● **Exercise details**: Pull each line holding the word "WOOD" from the data.

# # # # # # #

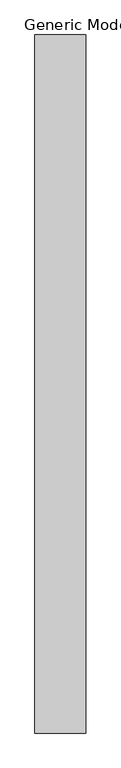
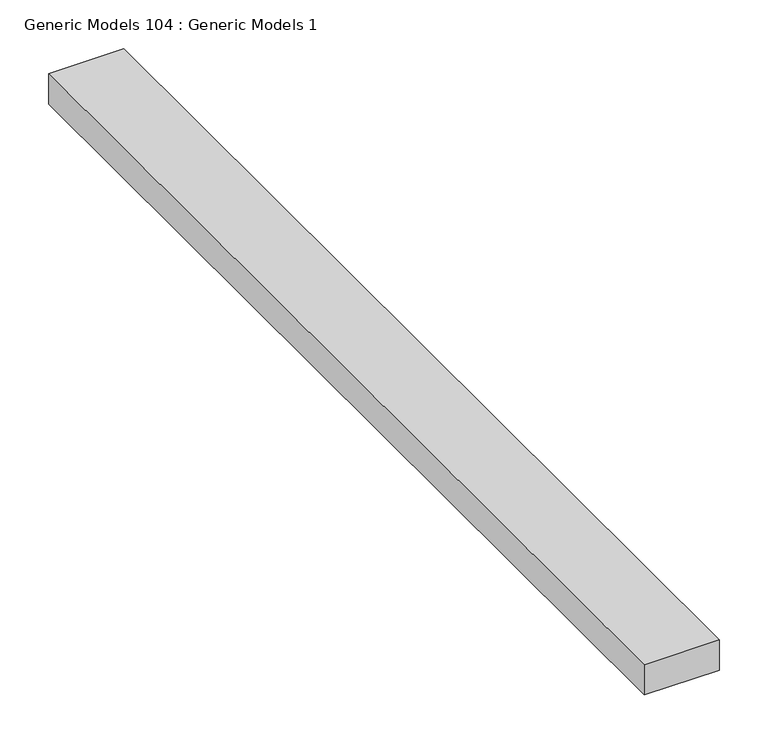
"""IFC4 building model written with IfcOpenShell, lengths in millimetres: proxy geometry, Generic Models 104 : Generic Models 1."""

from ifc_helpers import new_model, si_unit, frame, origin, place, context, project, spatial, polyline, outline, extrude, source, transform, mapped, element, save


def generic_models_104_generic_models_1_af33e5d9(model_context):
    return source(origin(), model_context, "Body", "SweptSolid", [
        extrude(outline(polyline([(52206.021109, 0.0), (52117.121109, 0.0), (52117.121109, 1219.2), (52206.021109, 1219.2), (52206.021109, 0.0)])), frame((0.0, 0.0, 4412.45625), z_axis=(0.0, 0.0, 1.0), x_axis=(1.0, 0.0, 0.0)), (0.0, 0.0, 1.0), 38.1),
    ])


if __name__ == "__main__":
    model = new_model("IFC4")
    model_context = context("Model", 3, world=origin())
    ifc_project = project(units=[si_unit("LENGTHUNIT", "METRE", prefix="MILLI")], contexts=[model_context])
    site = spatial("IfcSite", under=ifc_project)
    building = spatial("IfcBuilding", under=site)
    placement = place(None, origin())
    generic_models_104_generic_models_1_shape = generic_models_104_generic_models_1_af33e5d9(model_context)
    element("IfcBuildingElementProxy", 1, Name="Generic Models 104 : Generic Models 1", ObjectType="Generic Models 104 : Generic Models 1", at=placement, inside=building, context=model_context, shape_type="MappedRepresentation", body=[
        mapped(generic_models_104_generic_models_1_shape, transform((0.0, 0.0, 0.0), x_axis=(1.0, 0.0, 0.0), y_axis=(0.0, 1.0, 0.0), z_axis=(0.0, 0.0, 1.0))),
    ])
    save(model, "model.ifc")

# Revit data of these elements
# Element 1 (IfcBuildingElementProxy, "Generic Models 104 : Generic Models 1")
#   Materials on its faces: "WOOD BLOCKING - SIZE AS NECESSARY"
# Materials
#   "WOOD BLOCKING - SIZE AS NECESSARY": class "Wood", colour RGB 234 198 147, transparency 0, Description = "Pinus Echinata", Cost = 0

# # # # # # #

● **Result for this exercise**:
#   Materials on its faces: "WOOD BLOCKING - SIZE AS NECESSARY"
#   "WOOD BLOCKING - SIZE AS NECESSARY": class "Wood", colour RGB 234 198 147, transparency 0, Description = "Pinus Echinata", Cost = 0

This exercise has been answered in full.